Dave could never know that Chris had been drinking today. He had had so much hope for Chris’s sustained sobriety this last time…
From Rags:
“Should I call Mom?” Priscilla asked Franca from the passenger seat.
Franca’s hands gripped the steering wheel tightly; she focused on getting them to the hospital where their brother was being treated for alcohol poisoning. Franca exhaled a breath she didn’t know she’d been holding.
“Yeah, Dave said Chris is unconscious. Call them,” Franca said.
Priscilla called their parents’ number from her cell phone. “Hi daddy,” Priscilla said calmly when their father answered the phone. Franca rolled her eyes- their mother always answered the phone; in fact, this was probably one of five times their father answered their home phone throughout their parents’ marriage. Where the hell is mom? she thought.
“Daddy-” (whether it be because she was their first child, or because she had always been a ‘Daddy’s girl’, Priscilla was the only one of his adult children to call him this; Chris and Franca always stuck with plain ol’ ‘dad.’) “-where’s mom?” Priscilla waited for him to respond. “She’s on her way home now? Okay. I’m sure everything is fine-” Franca grimaced at this, as she knew her father was probably suffering from a mild heart attack at this less-than-comforting phrase, “-but Chris is in the hospital. He’s being treated for alcohol poisoning.”

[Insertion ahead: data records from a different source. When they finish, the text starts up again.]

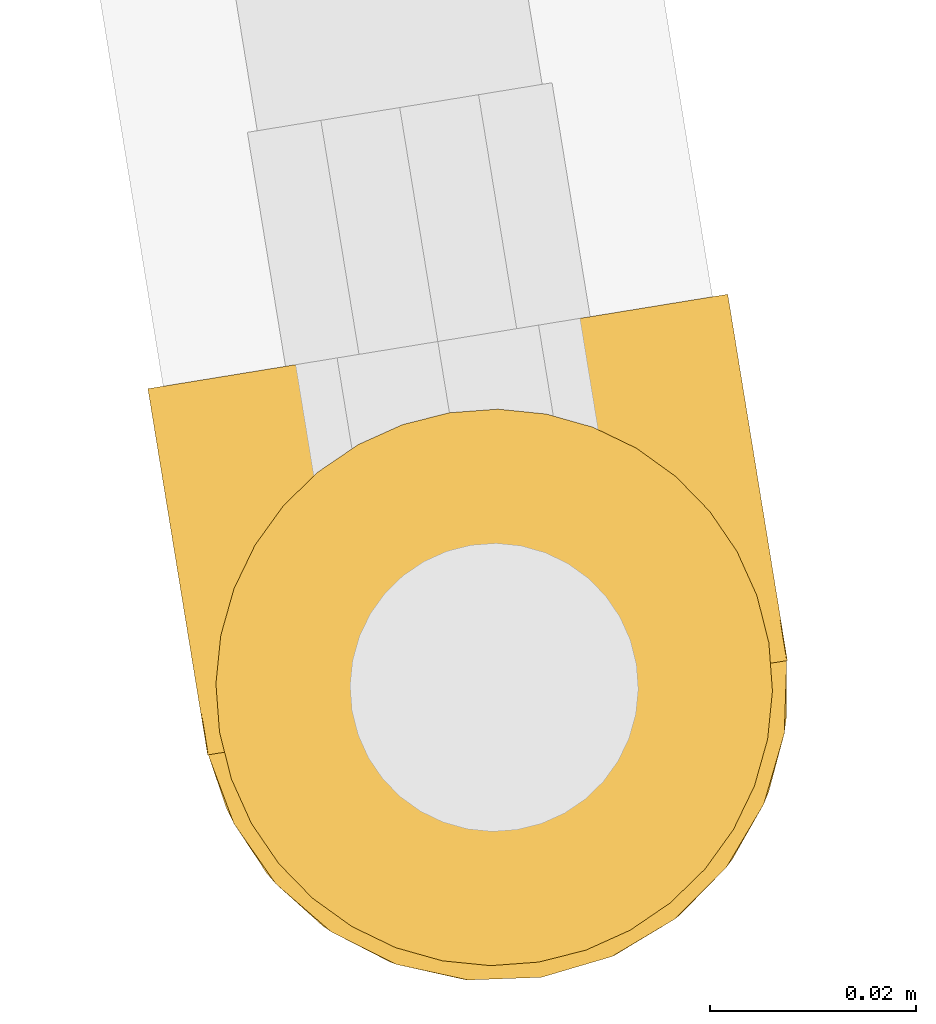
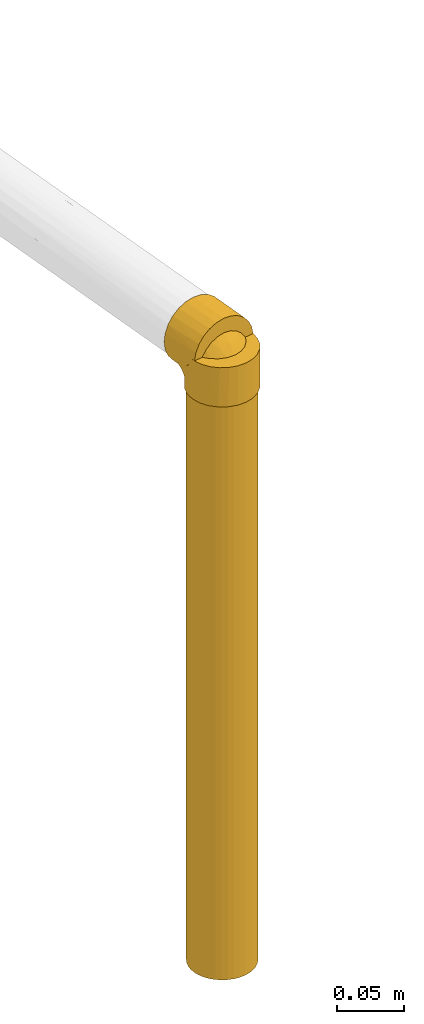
# One storey, part 3 of 56: 2 coverings.
"""IFC2X3 building model written with IfcOpenShell, lengths in millimetres."""

import ifcopenshell
import ifcopenshell.guid

model = None  # the IFC model being written
_history = None  # IfcOwnerHistory: only IFC2X3 demands one
_inside = {}  # id of a spatial element -> (the spatial element, [elements in it])
_under = {}  # id of a project, library or spatial element -> (it, [spatial elements below it])
_declared = {}  # id of a project -> (the project, [libraries it declares])
_typed = {}  # id of a type object -> (the type object, [elements of that type])
_made_of = {}  # id of a material, layer set ... -> (it, [elements and type objects made of it])


def new_model(schema):
    """Start an empty IFC model of exactly this schema.

    Asked for "IFC4X3", IfcOpenShell would pick the latest addendum, in which some entities
    have other attributes; the version numbers below select the first issue.
    IFC2X3 requires an IfcOwnerHistory on every rooted entity: one is made here for all.
    """
    global model, _history
    if schema == "IFC4X3":
        model = ifcopenshell.file(schema_version=(4, 3, 0, 0))
    else:
        model = ifcopenshell.file(schema=schema)
    _inside.clear()
    _under.clear()
    _declared.clear()
    _typed.clear()
    _made_of.clear()
    _history = None
    if model.schema == "IFC2X3":
        org = make("IfcOrganization", Name="unknown")
        user = make(
            "IfcPersonAndOrganization",
            ThePerson=make("IfcPerson", FamilyName="unknown"),
            TheOrganization=org,
        )
        app = make(
            "IfcApplication",
            ApplicationDeveloper=org,
            Version="unknown",
            ApplicationFullName="unknown",
            ApplicationIdentifier="unknown",
        )
        _history = make(
            "IfcOwnerHistory",
            OwningUser=user,
            OwningApplication=app,
            ChangeAction="ADDED",
            CreationDate=0,
        )
    return model


def make(cls, **values):
    """One entity of the class cls with the attributes given. An attribute that is None is left unset."""
    return model.create_entity(
        cls, **{name: value for name, value in values.items() if value is not None}
    )


def entity(cls, *values):
    """Any entity or typed value of the class cls, its attributes in the order of the schema. None: left unset."""
    e = model.create_entity(cls)
    for i, value in enumerate(values):
        if value is not None:
            e[i] = value
    return e


def rooted(cls, **values):
    """An entity with a GlobalId (a new one), such as an element, a storey or a relation."""
    return make(cls, GlobalId=ifcopenshell.guid.new(), OwnerHistory=_history, **values)


def si_unit(unit_type, name, prefix=None):
    """IfcSIUnit, for example si_unit("LENGTHUNIT", "METRE", prefix="MILLI")."""
    return make("IfcSIUnit", UnitType=unit_type, Prefix=prefix, Name=name)


def converted_unit(unit_type, name, factor, base, dimensions=None, offset=None):
    """IfcConversionBasedUnit, such as the inch: factor (a typed value) times the base unit."""
    return make(
        "IfcConversionBasedUnit"
        if offset is None
        else "IfcConversionBasedUnitWithOffset",
        ConversionOffset=offset,
        Dimensions=None
        if dimensions is None
        else entity("IfcDimensionalExponents", *dimensions),
        UnitType=unit_type,
        Name=name,
        ConversionFactor=make(
            "IfcMeasureWithUnit", ValueComponent=factor, UnitComponent=base
        ),
    )


def derived_unit(unit_type, elements):
    """IfcDerivedUnit: a product of units, each with its exponent."""
    return make(
        "IfcDerivedUnit",
        Elements=[
            make("IfcDerivedUnitElement", Unit=unit, Exponent=power)
            for unit, power in elements
        ],
        UnitType=unit_type,
    )


def assignment(units):
    """IfcUnitAssignment: the units of a project."""
    return None if units is None else make("IfcUnitAssignment", Units=units)


def point(xyz):
    """IfcCartesianPoint."""
    return None if xyz is None else make("IfcCartesianPoint", Coordinates=xyz)


def direction(xyz):
    """IfcDirection."""
    return None if xyz is None else make("IfcDirection", DirectionRatios=xyz)


def frame(location, z_axis=None, x_axis=None):
    """IfcAxis2Placement3D, a coordinate frame: its origin and axes. An axis left out is left unset."""
    return make(
        "IfcAxis2Placement3D",
        Location=point(location),
        Axis=direction(z_axis),
        RefDirection=direction(x_axis),
    )


def origin():
    """The frame at (0, 0, 0) with its axes left unset."""
    return frame((0.0, 0.0, 0.0))


def origin_with_axes():
    """The frame at (0, 0, 0) with the z axis (0, 0, 1) and the x axis (1, 0, 0) written out."""
    return frame((0.0, 0.0, 0.0), z_axis=(0.0, 0.0, 1.0), x_axis=(1.0, 0.0, 0.0))


def place(relative_to, where):
    """IfcLocalPlacement: puts the frame where relative to a parent placement (None: the world)."""
    return make(
        "IfcLocalPlacement", PlacementRelTo=relative_to, RelativePlacement=where
    )


def context(
    kind, dimensions, precision=None, world=None, true_north=None, identifier=None
):
    """IfcGeometricRepresentationContext, for example the 3D "Model" context."""
    return make(
        "IfcGeometricRepresentationContext",
        ContextIdentifier=identifier,
        ContextType=kind,
        CoordinateSpaceDimension=dimensions,
        Precision=precision,
        WorldCoordinateSystem=world,
        TrueNorth=true_north,
    )


def subcontext(parent, identifier, kind, view, scale=None):
    """IfcGeometricRepresentationSubContext, for example "Body" below "Model"."""
    return make(
        "IfcGeometricRepresentationSubContext",
        ContextIdentifier=identifier,
        ContextType=kind,
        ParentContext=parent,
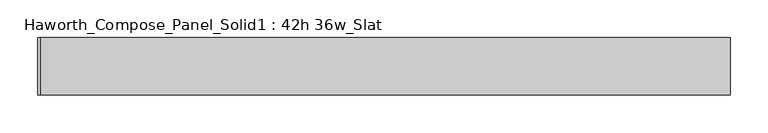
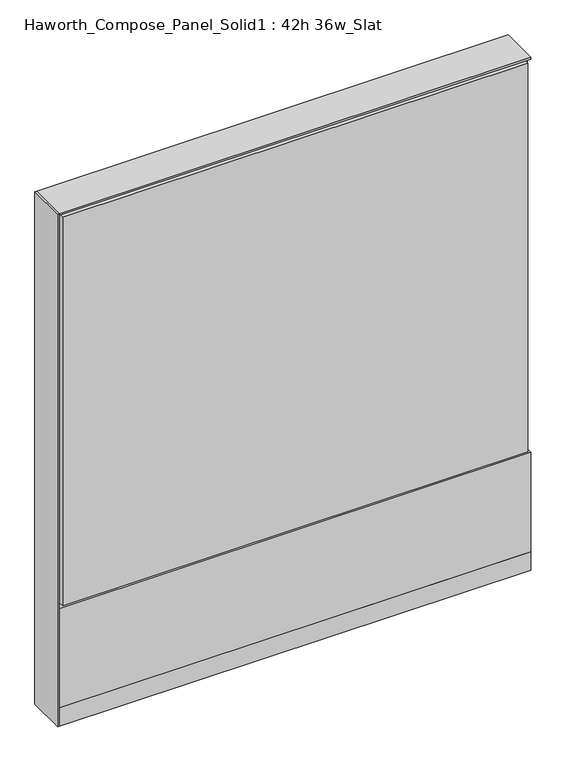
"""IFC4 building model written with IfcOpenShell, lengths in millimetres: furniture geometry, Haworth_Compose_Panel_Solid1 : 42h 36w_Slat."""

from ifc_helpers import new_model, si_unit, point, frame, frame_2d, origin, origin_with_axes, place, context, project, spatial, polyline, circle_curve, trimmed, segment, composite_curve, outline, extrude, source, transform, mapped, element, save


def haworth_compose_panel_solid1_42h_36w_slat_9ff56704(model_context):
    return source(origin(), model_context, "Body", "SweptSolid", [
        extrude(outline(composite_curve([segment(trimmed(circle_curve(frame_2d((-378.5597098, 0.0)), 12.7), [point((-391.2597098, 0.0))], [point((-365.8597098, 0.0))], False, "CARTESIAN"), True, "CONTINUOUS"), segment(trimmed(circle_curve(frame_2d((-378.5597098, 0.0)), 12.7), [point((-365.8597098, 0.0))], [point((-391.2597098, 0.0))], False, "CARTESIAN"), True, "CONTINUOUS")], self_intersect=False)), origin_with_axes(), (0.0, 0.0, 1.0), 12.7),
        extrude(outline(composite_curve([segment(trimmed(circle_curve(frame_2d((383.4402902, 0.0)), 12.7), [point((370.7402902, 0.0))], [point((396.1402902, 0.0))], False, "CARTESIAN"), True, "CONTINUOUS"), segment(trimmed(circle_curve(frame_2d((383.4402902, 0.0)), 12.7), [point((396.1402902, 0.0))], [point((370.7402902, 0.0))], False, "CARTESIAN"), True, "CONTINUOUS")], self_intersect=False)), origin_with_axes(), (0.0, 0.0, 1.0), 12.7),
        extrude(outline(polyline([(-457.9347098, 38.1), (-454.7597098, 38.1), (-454.7597098, -38.1), (-457.9347098, -38.1), (-457.9347098, 38.1)])), frame((0.0, 0.0, 12.7), z_axis=(0.0, 0.0, 1.0), x_axis=(1.0, 0.0, 0.0)), (0.0, 0.0, 1.0), 1050.925),
        extrude(outline(polyline([(453.2902902, 38.1), (453.2902902, 25.4), (-448.4097098, 25.4), (-448.4097098, 38.1), (453.2902902, 38.1)])), frame((0.0, 0.0, 854.075), z_axis=(0.0, 0.0, 1.0), x_axis=(1.0, 0.0, 0.0)), (0.0, 0.0, 1.0), 200.025),
        extrude(outline(polyline([(453.2902902, 38.1), (453.2902902, 25.4), (-448.4097098, 25.4), (-448.4097098, 38.1), (453.2902902, 38.1)])), frame((0.0, 0.0, 257.175), z_axis=(0.0, 0.0, 1.0), x_axis=(1.0, 0.0, 0.0)), (0.0, 0.0, 1.0), 593.725),
        extrude(outline(polyline([(459.6402902, 38.1), (459.6402902, 25.4), (-454.7597098, 25.4), (-454.7597098, 38.1), (459.6402902, 38.1)])), frame((0.0, 0.0, 50.8), z_axis=(0.0, 0.0, 1.0), x_axis=(1.0, 0.0, 0.0)), (0.0, 0.0, 1.0), 203.2),
        extrude(outline(polyline([(459.6402902, -38.1), (-454.7597098, -38.1), (-454.7597098, -25.4), (459.6402902, -25.4), (459.6402902, -38.1)])), frame((0.0, 0.0, 50.8), z_axis=(0.0, 0.0, 1.0), x_axis=(1.0, 0.0, 0.0)), (0.0, 0.0, 1.0), 203.2),
        extrude(outline(polyline([(453.2902902, -38.1), (-448.4097098, -38.1), (-448.4097098, -25.4), (453.2902902, -25.4), (453.2902902, -38.1)])), frame((0.0, 0.0, 257.175), z_axis=(0.0, 0.0, 1.0), x_axis=(1.0, 0.0, 0.0)), (0.0, 0.0, 1.0), 796.925),
        extrude(outline(polyline([(459.6402902, 25.4), (459.6402902, -25.4), (-454.7597098, -25.4), (-454.7597098, 25.4), (459.6402902, 25.4)])), frame((0.0, 0.0, 12.7), z_axis=(0.0, 0.0, 1.0), x_axis=(1.0, 0.0, 0.0)), (0.0, 0.0, 1.0), 1047.75),
        extrude(outline(polyline([(-454.7597098, -38.1), (-454.7597098, 38.1), (459.6402902, 38.1), (459.6402902, -38.1), (-454.7597098, -38.1)])), frame((0.0, 0.0, 12.7), z_axis=(0.0, 0.0, 1.0), x_axis=(1.0, 0.0, 0.0)), (0.0, 0.0, 1.0), 38.1),
        extrude(outline(polyline([(-454.7597098, -38.1), (-454.7597098, 38.1), (459.6402902, 38.1), (459.6402902, -38.1), (-454.7597098, -38.1)])), frame((0.0, 0.0, 1060.45), z_axis=(0.0, 0.0, 1.0), x_axis=(1.0, 0.0, 0.0)), (0.0, 0.0, 1.0), 3.175),
    ])


if __name__ == "__main__":
    model = new_model("IFC4")
    model_context = context("Model", 3, world=origin())
    ifc_project = project(units=[si_unit("LENGTHUNIT", "METRE", prefix="MILLI")], contexts=[model_context])
    site = spatial("IfcSite", under=ifc_project)
    building = spatial("IfcBuilding", under=site)
    placement = place(None, origin())
    haworth_compose_panel_solid1_42h_36w_slat_shape = haworth_compose_panel_solid1_42h_36w_slat_9ff56704(model_context)
    element("IfcFurniture", 1, ObjectType="Haworth_Compose_Panel_Solid1 : 42h 36w_Slat", at=placement, inside=building, context=model_context, shape_type="MappedRepresentation", body=[
        mapped(haworth_compose_panel_solid1_42h_36w_slat_shape, transform((0.0, 0.0, 0.0), x_axis=(1.0, 0.0, 0.0), y_axis=(0.0, 1.0, 0.0), z_axis=(0.0, 0.0, 1.0))),
    ])
    save(model, "model.ifc")

The hospital was just ahead of them now. Franca thought one more prayer for her brother’s recovery, as she turned into the hospital’s entrance.
“What do you mean, ‘how do we know?'” Priscilla asked their father patiently. “Dave called us, and said-” Priscilla paused. Her tone changed from calm and patient to short and icy with her next sentence. “What do you mean, ‘mom will meet us?'” Priscilla scoffed and gave me her Are you kidding me? look through a side glance. Anger entered my sister’s voice, “Dad, this has gone on long enough. He is your son. Come with mom,” she paused again as our father responded. Priscilla flushed, and her voice shook with equal parts disbelief and rage. “Yeah, well, dad, fine. Just know that it’s probably your fault that Chris in the hospital to begin with.” She ended the call.
I almost hit a parked car as I whipped my head around to stare wide-eyed at my sister.
“What?” Priscilla asked, exasperated.
“Nothing- no, it’s just, I can’t believe you said that to dad.”
“Yeah, well, usually I talk to him like his daughter, but today I had to talk to him like a parent.” In that moment, my father- the man my sister thought hung the moon- was just another person, focused on all the wrong things. “Would you park already?” she asked, frustrated.
I pulled into the next available spot, and we raced for the hospital’s entrance.
*This is a work of fiction. Names, characters, businesses, places, events, locales, and incidents are either the products of the author’s imagination or used in a fictitious manner. Any resemblance to actual persons, living or dead, or actual events is purely coincidental.